Abigail Fielding-Smith · In Yemen

Since the protests began in Yemen earlier this year, writing the top line of news stories has become a daily wrestle with the limited possibilities offered by the metaphor of the ‘brink’. The country has stepped closer to the brink, edged towards it, and stood at it. It has yet to go over it. But tensions are running high. Money changers are running out of dollars. Every day, more serious weaponry is visible on the streets.

Last month, the most powerful military commander in the country, Ali Mohsen al Ahmar, offered his support to the protest movement and stationed his troops around their encampment at Sanaa University: a serious confrontation with the republican guard policing the routes to the presidential palace a few miles away seemed imminent. The republican guard is commanded by the president’s son, who, like other family members in senior positions in the security forces, has everything to lose from the ‘peaceful transition’ currently being urged by Washington. Every day, rumours go around that the protesters are planning a march on the palace, or that the republican guard have attacked General Mohsen’s troops, and people have to decide whether it is safe to go to work or let their children go to school.

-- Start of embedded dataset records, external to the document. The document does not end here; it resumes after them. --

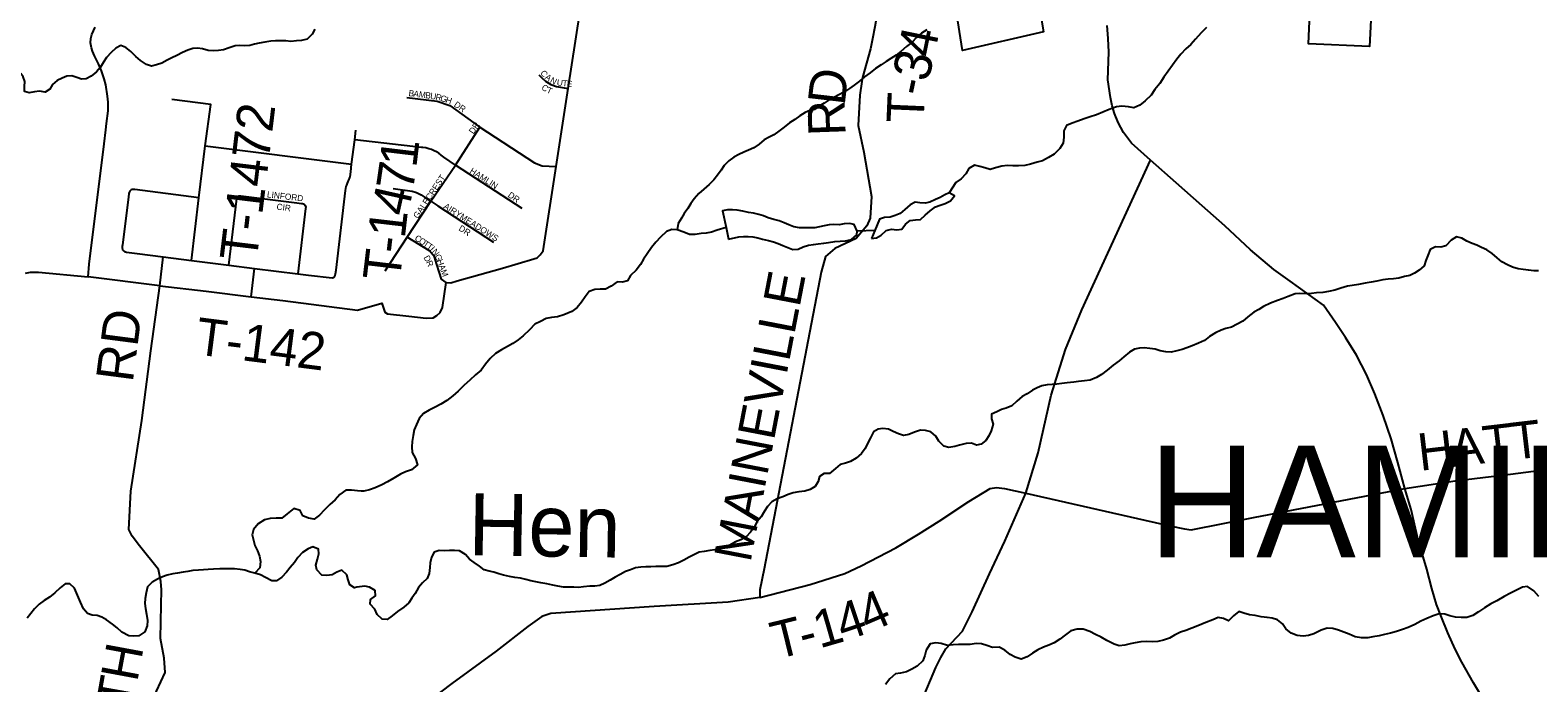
# Model space of a CAD drawing. Extents: x 1310247 to 1664935, y 284496 to 704931.
# Drawn here: x 1473471 to 1485632, y 476239 to 481504 of the extents above; entities that cross this region are included whole.
import ezdxf

# ---------------------------------------------------------------- set-up
doc = ezdxf.new("R2010")
doc.units = 0
for name, color, linetype in [('GM_P_State_Location', 7, 'Continuous'), ('GM_X_Airport_Location_Class_2', 7, 'Continuous'), ('GM_X_County_Road_Text', 7, 'Continuous'), ('GM_X_County_Subdivision_Text', 7, 'Continuous'), ('GM_X_Interstate_Shield', 7, 'Continuous'), ('GM_X_Major_Lake_Text', 7, 'Continuous'), ('GM_X_Minor_Lake_Text', 7, 'Continuous'), ('GM_X_Minor_River', 7, 'Continuous'), ('GM_X_Minor_River_Text', 7, 'Continuous'), ('GM_X_State_Location', 7, 'Continuous'), ('GM_X_Township_Road', 7, 'Continuous'), ('GM_X_Township_Subdivision', 7, 'Continuous')]:
    doc.layers.add(name, color=color, linetype=linetype)

msp = doc.modelspace()

# ---------------------------------------------------------------- linework, layer by layer
at = {"layer": 'GM_X_County_Road_Text'}
msp.add_lwpolyline([(1474456, 476098), (1474560, 476323), (1474552, 476438), (1474521, 476597), (1474528, 476867), (1474530, 476989), (1474526, 477058), (1474507, 477153), (1474353, 477344), (1474293, 477423), (1474267, 477477), (1474282, 477786), (1474373, 478355), (1474444, 478917), (1474516, 479443), (1473940, 479515), (1473948, 479617), (1474068, 480588), (1474082, 480701), (1474088, 480752), (1474099, 480854), (1474099, 480923), (1474094, 480971), (1474082, 481063), (1474069, 481111), (1474046, 481177), (1474021, 481232), (1473989, 481297), (1473973, 481335), (1473965, 481362), (1473958, 481401), (1473961, 481438), (1473969, 481468), (1473995, 481529)], dxfattribs=at)
at = {"layer": 'GM_X_County_Subdivision_Text'}
for points in [[(1480581, 482888), (1480559, 482405), (1480538, 482071), (1480518, 482022), (1480475, 481946), (1480342, 481721), (1480303, 481640), (1480285, 481532), (1480265, 481434)], [(1474516, 479443), (1474890, 479400), (1475254, 479353), (1475509, 479323), (1476111, 479245), (1476307, 479301), (1476333, 479229), (1476354, 479216), (1476525, 479196), (1476665, 479180), (1476721, 479183), (1476752, 479202), (1476779, 479228), (1476798, 479268), (1476827, 479470), (1476865, 479467), (1476916, 479482), (1477281, 479585), (1477534, 479659), (1477559, 479669), (1477584, 479691), (1477609, 479723), (1477714, 480404), (1477811, 481035), (1477934, 481834)], [(1480265, 481434), (1480262, 481421), (1480249, 481355), (1480184, 481122), (1480179, 481090)], [(1480179, 481090), (1480163, 480979), (1480150, 480736), (1480196, 480521), (1480258, 480163), (1480245, 479988), (1480218, 479926), (1480134, 479824), (1479960, 479742), (1479886, 479678), (1479851, 479551), (1479390, 477159), (1479357, 476991), (1479357, 476979)], [(1474772, 479647), (1474831, 480153), (1474883, 480572), (1474928, 480904), (1474614, 480946)], [(1474831, 480153), (1474314, 480218), (1474304, 480219), (1474294, 480218), (1474286, 480216), (1474279, 480211), (1474275, 480206), (1474272, 480201), (1474270, 480194), (1474268, 480186), (1474264, 480157), (1474216, 479772), (1474214, 479760), (1474213, 479748), (1474215, 479738), (1474217, 479733), (1474219, 479730), (1474224, 479724), (1474231, 479720), (1474239, 479716), (1474249, 479714), (1474335, 479703), (1474545, 479676), (1474772, 479647), (1475073, 479608), (1475281, 479582), (1475630, 479540), (1475717, 479529), (1475906, 479507), (1475914, 479508), (1475920, 479510), (1475923, 479512), (1475926, 479515), (1475929, 479519), (1475931, 479523), (1475932, 479527), (1475934, 479539), (1475938, 479568), (1476015, 480210), (1476017, 480226), (1476020, 480242), (1476024, 480253), (1476031, 480271), (1476045, 480301), (1476048, 480308), (1476050, 480315), (1476051, 480320), (1476051, 480321), (1476057, 480361), (1476064, 480423), (1476089, 480620), (1476097, 480698)], [(1474883, 480572), (1476064, 480423)], [(1479484, 472137), (1479515, 472304), (1479845, 473768), (1479878, 473896), (1480269, 474641), (1480342, 474834), (1480471, 475345), (1480660, 476090), (1480777, 476364), (1480816, 476444), (1480857, 476515), (1480990, 476656), (1481070, 476811), (1481210, 477120), (1481333, 477383), (1481503, 477769), (1481601, 478095), (1481705, 478561), (1481821, 478927), (1481954, 479248), (1482508, 480456)], [(1474516, 479443), (1474545, 479676)], [(1473433, 479543), (1473475, 479552), (1473537, 479552), (1473940, 479515)], [(1485597, 477946), (1485598, 477946), (1486175, 478013), (1486373, 478029), (1486429, 478036), (1486471, 478053), (1486995, 478349), (1487179, 478455)], [(1484559, 477808), (1484965, 477868), (1485410, 477922), (1485597, 477946)], [(1479357, 476929), (1479762, 477032), (1480043, 477121), (1480174, 477182), (1480454, 477328), (1480636, 477439), (1480802, 477543), (1481043, 477701), (1481214, 477808), (1481266, 477814), (1481329, 477808), (1481503, 477769), (1482663, 477506), (1482781, 477481), (1482835, 477473), (1483337, 477572), (1484559, 477808)], [(1479357, 476979), (1479357, 476929), (1479100, 476890), (1478504, 476854), (1477671, 476799), (1477597, 476775), (1477484, 476694), (1477229, 476496), (1476871, 476234), (1476305, 475804), (1475692, 475348), (1474181, 474175)]]:
    msp.add_lwpolyline(points, dxfattribs=at)
at = {"layer": 'GM_X_Interstate_Shield'}
msp.add_lwpolyline([(1485284, 475952), (1485113, 476240), (1485018, 476405), (1484964, 476510), (1484905, 476642), (1484854, 476768), (1484814, 476872), (1484777, 477001), (1484735, 477156), (1484667, 477390), (1484609, 477639), (1484559, 477808), (1484502, 478017), (1484449, 478209), (1484383, 478397), (1484318, 478570), (1484250, 478728), (1484168, 478882), (1484080, 479025), (1484000, 479146), (1483902, 479286), (1483635, 479480), (1483502, 479574), (1483315, 479732), (1483106, 479925), (1482923, 480086), (1482715, 480274), (1482508, 480456), (1482355, 480594), (1482289, 480678), (1482246, 480760), (1482216, 480831), (1482198, 480895), (1482185, 480960), (1482162, 481104), (1482170, 481328), (1482166, 481437), (1482157, 481541)], dxfattribs=at)
at = {"layer": 'GM_X_Major_Lake_Text'}
for points in [[(1484297, 481857), (1484274, 481373), (1483782, 481394), (1483806, 481948)], [(1481597, 481782), (1481643, 481490), (1480991, 481341), (1480937, 481683)]]:
    msp.add_lwpolyline(points, dxfattribs=at)
at = {"layer": 'GM_X_Minor_River'}
for points in [[(1480257, 479823), (1480298, 479830), (1480336, 479850), (1480375, 479887), (1480417, 479899), (1480462, 479894), (1480502, 479899), (1480531, 479939), (1480569, 479970), (1480611, 479974), (1480651, 479977), (1480690, 480011), (1480731, 480048), (1480774, 480078), (1480812, 480093), (1480852, 480106), (1480893, 480128), (1480927, 480167), (1480883, 480191)], [(1480883, 480191), (1480849, 480175), (1480811, 480155), (1480773, 480138), (1480728, 480118), (1480690, 480109), (1480648, 480112), (1480608, 480116), (1480569, 480095), (1480526, 480057), (1480488, 480026), (1480447, 480008), (1480407, 479997), (1480363, 479994), (1480321, 479980), (1480283, 479888)], [(1480142, 479882), (1480117, 479936), (1480079, 479946), (1480037, 479943), (1479995, 479935), (1479953, 479936), (1479915, 479935), (1479876, 479925), (1479838, 479918), (1479800, 479911), (1479756, 479909), (1479714, 479910), (1479675, 479910), (1479631, 479919), (1479590, 479934), (1479552, 479949), (1479512, 479965), (1479468, 479978), (1479424, 479991), (1479386, 480007), (1479348, 480018), (1479304, 480029), (1479264, 480033), (1479220, 480044), (1479174, 480053), (1479136, 480055), (1479096, 480054), (1479054, 480047), (1479084, 479912)], [(1479084, 479912), (1479104, 479819)], [(1479104, 479819), (1479187, 479838), (1479225, 479839), (1479263, 479841), (1479301, 479838), (1479339, 479830), (1479379, 479819), (1479425, 479808), (1479467, 479796), (1479505, 479783), (1479543, 479768), (1479583, 479752), (1479622, 479735), (1479665, 479738), (1479705, 479756), (1479749, 479771), (1479788, 479776), (1479828, 479780), (1479872, 479787), (1479910, 479792), (1479960, 479800), (1480005, 479801), (1480047, 479804), (1480097, 479816), (1480140, 479853), (1480142, 479882)], [(1480283, 479888), (1480257, 479823)]]:
    msp.add_lwpolyline(points, dxfattribs=at)
at = {"layer": 'GM_X_Minor_River_Text'}
for points in [[(1475766, 481511), (1475745, 481471), (1475706, 481432), (1475660, 481422), (1475618, 481417), (1475574, 481414), (1475532, 481418), (1475491, 481419), (1475451, 481418), (1475411, 481416), (1475363, 481407), (1475319, 481400), (1475280, 481392), (1475242, 481381), (1475200, 481379), (1475162, 481380), (1475124, 481377), (1475075, 481363), (1475031, 481346), (1474989, 481339), (1474950, 481337), (1474906, 481340), (1474860, 481353), (1474822, 481359), (1474784, 481356), (1474744, 481343), (1474699, 481325), (1474653, 481300), (1474614, 481280), (1474576, 481261), (1474534, 481238), (1474491, 481224), (1474449, 481215), (1474409, 481226), (1474361, 481260), (1474322, 481291), (1474282, 481332), (1474243, 481365), (1474203, 481381), (1474162, 481358), (1474124, 481324), (1474087, 481283), (1474062, 481245), (1474038, 481207), (1474005, 481168), (1473962, 481132), (1473924, 481113), (1473885, 481108), (1473848, 481122), (1473806, 481135), (1473767, 481134), (1473729, 481118), (1473689, 481097), (1473650, 481065), (1473629, 481027), (1473591, 481004), (1473547, 481011), (1473505, 481007)], [(1480703, 481508), (1480660, 481479), (1480620, 481444), (1480581, 481406), (1480540, 481373), (1480493, 481331), (1480455, 481302), (1480414, 481276), (1480374, 481251), (1480335, 481225), (1480288, 481194), (1480246, 481161), (1480201, 481127), (1480160, 481094), (1480118, 481060), (1480079, 481033), (1480039, 481008), (1479994, 480982), (1479954, 480961), (1479915, 480941), (1479875, 480916), (1479836, 480890), (1479798, 480865), (1479759, 480856), (1479721, 480840), (1479678, 480813), (1479638, 480783), (1479595, 480756), (1479552, 480721), (1479510, 480689), (1479469, 480660)], [(1482960, 481527), (1482915, 481483), (1482870, 481432), (1482833, 481388), (1482791, 481353), (1482752, 481311), (1482721, 481270), (1482686, 481222), (1482649, 481173), (1482614, 481125), (1482583, 481075), (1482543, 481026), (1482512, 480980), (1482465, 480935), (1482420, 480900), (1482374, 480878), (1482330, 480887), (1482277, 480890), (1482233, 480886), (1482175, 480865), (1482124, 480842), (1482072, 480821), (1482021, 480804), (1481973, 480788), (1481920, 480769), (1481876, 480754), (1481830, 480736), (1481807, 480693), (1481808, 480641), (1481803, 480594), (1481776, 480549), (1481731, 480505), (1481685, 480476), (1481636, 480449), (1481592, 480439), (1481540, 480422), (1481493, 480413), (1481443, 480410), (1481397, 480410), (1481355, 480413), (1481307, 480408), (1481258, 480395), (1481214, 480381), (1481172, 480394), (1481130, 480405), (1481088, 480415), (1481043, 480388), (1481019, 480346), (1480980, 480305), (1480937, 480275), (1480883, 480191)], [(1473505, 481007), (1473464, 480998), (1473424, 481009), (1473425, 481051), (1473428, 481089), (1473414, 481127), (1473395, 481156)], [(1479469, 480660), (1479431, 480640), (1479390, 480619), (1479350, 480585), (1479307, 480556), (1479266, 480535), (1479228, 480519), (1479186, 480502), (1479147, 480480), (1479107, 480449), (1479068, 480413), (1479045, 480376), (1479014, 480334), (1478984, 480296), (1478947, 480259), (1478904, 480222), (1478863, 480186), (1478827, 480143), (1478800, 480105), (1478775, 480067), (1478746, 480026), (1478724, 479988), (1478697, 479944), (1478690, 479894)], [(1479084, 479912), (1479011, 479891), (1478967, 479876), (1478924, 479868), (1478882, 479863), (1478834, 479856), (1478788, 479856), (1478744, 479875), (1478690, 479894), (1478646, 479897), (1478604, 479881), (1478555, 479834), (1478518, 479793), (1478483, 479751), (1478448, 479699), (1478417, 479656), (1478395, 479614), (1478358, 479569), (1478313, 479525), (1478290, 479483), (1478248, 479472), (1478206, 479473), (1478157, 479439), (1478112, 479414), (1478068, 479415), (1478026, 479413), (1477980, 479396), (1477947, 479354), (1477918, 479311), (1477883, 479267), (1477841, 479236), (1477776, 479207), (1477724, 479192), (1477675, 479186), (1477633, 479179), (1477587, 479154), (1477542, 479132), (1477499, 479087), (1477448, 479038), (1477406, 479006), (1477363, 478977), (1477320, 478953), (1477272, 478926), (1477225, 478897), (1477182, 478855), (1477144, 478810), (1477109, 478762), (1477062, 478723), (1477017, 478680), (1476972, 478640), (1476923, 478593), (1476879, 478555), (1476832, 478516), (1476783, 478487), (1476737, 478463), (1476690, 478440), (1476643, 478413), (1476609, 478371), (1476586, 478323), (1476569, 478280), (1476560, 478234), (1476553, 478186), (1476549, 478142), (1476552, 478097), (1476579, 478049), (1476596, 477998), (1476546, 477959), (1476499, 477942), (1476457, 477922), (1476404, 477891), (1476353, 477860), (1476307, 477837), (1476254, 477813), (1476208, 477796), (1476162, 477785), (1476141, 477786)], [(1480283, 479888), (1480142, 479882)], [(1485638, 479563), (1485598, 479564), (1485556, 479568), (1485514, 479575), (1485474, 479580), (1485426, 479592), (1485386, 479611), (1485342, 479636), (1485303, 479667), (1485263, 479703), (1485221, 479732), (1485178, 479751), (1485140, 479769), (1485102, 479784), (1485060, 479803), (1485018, 479826), (1484976, 479838), (1484932, 479809), (1484889, 479765), (1484849, 479754), (1484805, 479757), (1484762, 479735), (1484743, 479686), (1484728, 479646), (1484714, 479604), (1484675, 479568)], [(1484675, 479568), (1484636, 479545), (1484598, 479525), (1484556, 479518), (1484511, 479505), (1484467, 479499), (1484425, 479496), (1484381, 479489), (1484332, 479479), (1484286, 479472), (1484238, 479463), (1484186, 479454), (1484133, 479445), (1484095, 479439), (1484043, 479424), (1483994, 479407), (1483944, 479395), (1483896, 479388), (1483847, 479385), (1483805, 479380), (1483763, 479378), (1483713, 479379), (1483673, 479378), (1483618, 479356), (1483578, 479341), (1483531, 479324), (1483475, 479301), (1483418, 479275), (1483380, 479252), (1483341, 479229), (1483293, 479191), (1483252, 479156), (1483205, 479132), (1483161, 479109), (1483116, 479098), (1483076, 479084), (1483032, 479063), (1482983, 479032), (1482942, 479000), (1482894, 478979), (1482843, 478958), (1482801, 478942), (1482763, 478929), (1482720, 478918), (1482674, 478908), (1482630, 478909), (1482586, 478918), (1482546, 478930), (1482502, 478937), (1482456, 478942), (1482418, 478940), (1482379, 478931), (1482337, 478908), (1482292, 478870), (1482254, 478837), (1482205, 478801), (1482158, 478762), (1482113, 478727), (1482073, 478703), (1482022, 478682), (1481976, 478675), (1481926, 478670), (1481888, 478666), (1481835, 478659), (1481793, 478654), (1481753, 478648), (1481715, 478647), (1481675, 478643), (1481632, 478634), (1481594, 478619), (1481556, 478601), (1481513, 478572), (1481472, 478548), (1481430, 478511), (1481389, 478474), (1481344, 478456), (1481306, 478445), (1481268, 478425), (1481225, 478406), (1481225, 478368), (1481238, 478326), (1481223, 478272), (1481204, 478232), (1481180, 478194), (1481141, 478165), (1481103, 478157), (1481063, 478172), (1481021, 478171), (1480968, 478157), (1480928, 478146), (1480882, 478139), (1480840, 478149), (1480800, 478188), (1480777, 478229), (1480735, 478263), (1480693, 478274), (1480653, 478277), (1480605, 478261), (1480559, 478242), (1480516, 478235), (1480474, 478247)], [(1480474, 478247), (1480433, 478268), (1480393, 478287), (1480349, 478290), (1480311, 478286), (1480272, 478263), (1480249, 478217), (1480228, 478175), (1480206, 478131), (1480175, 478090), (1480132, 478052), (1480088, 478025), (1480047, 478012), (1480005, 478000), (1479966, 477969), (1479917, 477929), (1479875, 477928), (1479837, 477903), (1479828, 477863), (1479803, 477823), (1479761, 477798), (1479718, 477786), (1479672, 477779), (1479626, 477772), (1479584, 477758), (1479541, 477739), (1479497, 477724), (1479452, 477700), (1479417, 477661), (1479395, 477623), (1479366, 477579), (1479335, 477540), (1479310, 477496), (1479282, 477454), (1479247, 477417), (1479202, 477393), (1479160, 477376), (1479113, 477351), (1479075, 477333), (1479035, 477318), (1478994, 477313), (1478952, 477307), (1478906, 477300), (1478868, 477294), (1478829, 477275), (1478787, 477252), (1478744, 477230), (1478700, 477207), (1478655, 477192), (1478607, 477178), (1478565, 477177), (1478517, 477178), (1478477, 477176), (1478438, 477175), (1478396, 477172), (1478354, 477166), (1478312, 477151), (1478273, 477138), (1478229, 477114), (1478190, 477091), (1478150, 477067), (1478105, 477044), (1478067, 477025), (1478025, 477019), (1477986, 477020), (1477934, 477015), (1477894, 477009), (1477856, 477012), (1477816, 477012), (1477774, 477011), (1477726, 477020), (1477688, 477027), (1477638, 477037), (1477590, 477046), (1477550, 477055), (1477510, 477061), (1477470, 477072), (1477426, 477083), (1477380, 477090), (1477338, 477096), (1477290, 477109), (1477252, 477118), (1477210, 477132), (1477172, 477141), (1477134, 477152), (1477094, 477180), (1477053, 477209), (1477015, 477236), (1476982, 477274), (1476934, 477305), (1476894, 477306), (1476852, 477307), (1476812, 477305), (1476771, 477306), (1476729, 477294), (1476708, 477253), (1476698, 477207), (1476695, 477169), (1476690, 477121), (1476673, 477081), (1476635, 477045)], [(1476141, 477786), (1476111, 477788), (1476063, 477794), (1476017, 477793), (1475969, 477758), (1475930, 477716), (1475887, 477677), (1475846, 477635), (1475805, 477592), (1475763, 477559), (1475715, 477569), (1475671, 477586), (1475649, 477629), (1475598, 477647), (1475545, 477604), (1475500, 477569), (1475454, 477567), (1475406, 477564), (1475361, 477553), (1475311, 477522), (1475272, 477476), (1475261, 477434), (1475272, 477390), (1475282, 477348), (1475305, 477305), (1475320, 477261), (1475328, 477217)], [(1476105, 477010), (1476086, 477006), (1476049, 477031), (1476035, 477071), (1476024, 477111), (1475984, 477148), (1475944, 477133), (1475906, 477111), (1475865, 477104), (1475823, 477108), (1475784, 477151), (1475776, 477189), (1475789, 477237), (1475798, 477279), (1475797, 477317), (1475751, 477336), (1475712, 477321), (1475668, 477291), (1475631, 477250), (1475602, 477210), (1475568, 477169), (1475539, 477131), (1475502, 477091), (1475459, 477062), (1475421, 477063), (1475370, 477088), (1475328, 477110), (1475284, 477123), (1475240, 477136), (1475202, 477148), (1475164, 477153), (1475118, 477158), (1475078, 477160), (1475038, 477159), (1475000, 477160), (1474951, 477156), (1474907, 477155), (1474869, 477152), (1474829, 477148), (1474783, 477145), (1474744, 477138), (1474704, 477132), (1474660, 477125), (1474622, 477118), (1474577, 477108), (1474539, 477095), (1474499, 477077), (1474454, 477052), (1474417, 477014), (1474407, 476965), (1474398, 476919), (1474395, 476879), (1474400, 476838), (1474410, 476794), (1474417, 476742), (1474416, 476698), (1474397, 476650), (1474347, 476619), (1474306, 476615), (1474266, 476618), (1474211, 476649), (1474173, 476682), (1474136, 476712), (1474088, 476747), (1474050, 476768), (1474012, 476782), (1473972, 476785), (1473934, 476798), (1473901, 476836), (1473878, 476889), (1473862, 476927), (1473845, 476965), (1473829, 477004), (1473792, 477037), (1473754, 477037), (1473713, 477006), (1473670, 476966), (1473626, 476931), (1473585, 476903), (1473544, 476874), (1473506, 476837), (1473477, 476799), (1473446, 476761)], [(1475328, 477217), (1475323, 477168), (1475284, 477123)], [(1476635, 477045), (1476604, 477008), (1476575, 476960), (1476550, 476922), (1476524, 476885), (1476485, 476849), (1476434, 476814), (1476392, 476779), (1476351, 476751), (1476309, 476752), (1476269, 476790), (1476252, 476833), (1476213, 476874), (1476217, 476912), (1476256, 476941), (1476253, 476983), (1476209, 477012), (1476171, 477019), (1476127, 477015), (1476105, 477010)], [(1485640, 476936), (1485599, 476981), (1485549, 477016), (1485507, 477010), (1485455, 476985), (1485412, 476962), (1485359, 476935), (1485301, 476901), (1485252, 476876), (1485201, 476845), (1485153, 476812), (1485106, 476782), (1485060, 476767), (1485014, 476766), (1484968, 476770), (1484922, 476781), (1484880, 476794), (1484836, 476797), (1484787, 476781), (1484735, 476758), (1484688, 476737), (1484638, 476709), (1484585, 476686), (1484541, 476669), (1484492, 476654), (1484442, 476640), (1484395, 476629), (1484353, 476618), (1484301, 476611), (1484259, 476603), (1484208, 476602), (1484158, 476611), (1484111, 476632), (1484067, 476648), (1484023, 476665)], [(1484023, 476665), (1483977, 476678), (1483931, 476681), (1483884, 476665), (1483826, 476634), (1483781, 476621), (1483739, 476617), (1483689, 476622), (1483643, 476639), (1483600, 476674), (1483572, 476716), (1483531, 476749), (1483489, 476762), (1483447, 476766), (1483401, 476773), (1483351, 476782), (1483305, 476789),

The street and the regime are engaged in a game of bluff; the protesters know that if they march on the palace it will provoke a bloodbath, Saleh knows they know this, and seems to be waiting them out. As the rial sinks and the central government cedes control of more parts of the country, it becomes more likely that Yemen’s neighbours, concerned that the instability will spread, will try to force some kind of settlement. An agreement between the president's allies and opposition parties on the eventual transfer of power is supposed to be signed next week in Riyadh, but the protest movement doesn't support it. To keep up the pressure, both sides push at the boundaries of their positions: every day, protesters have been marching a little further away from their encampment, while security forces have staged periodic crackdowns.

No one is sure exactly how long this situation can go on for, or how we will be able to tell if the country does step over the brink. ‘When the tanks are on the streets, that’s when its time to go,’ one security analyst said a month or so ago. That moment appears to have come and gone.

The binary oppositions of integrity/collapse, on the brink/in the abyss, may not be a useful way of looking at Yemen. It has been in a state of bloody turmoil for most of its recent history. The true cost of its dysfunctional politics can be seen not in the security situation, but in the human development statistics. For all the drama of the military stand-off in the capital, there’s a case to be made that a country with 40 per cent unemployment, and where hundreds of children die every year from malnutrition, has already collapsed.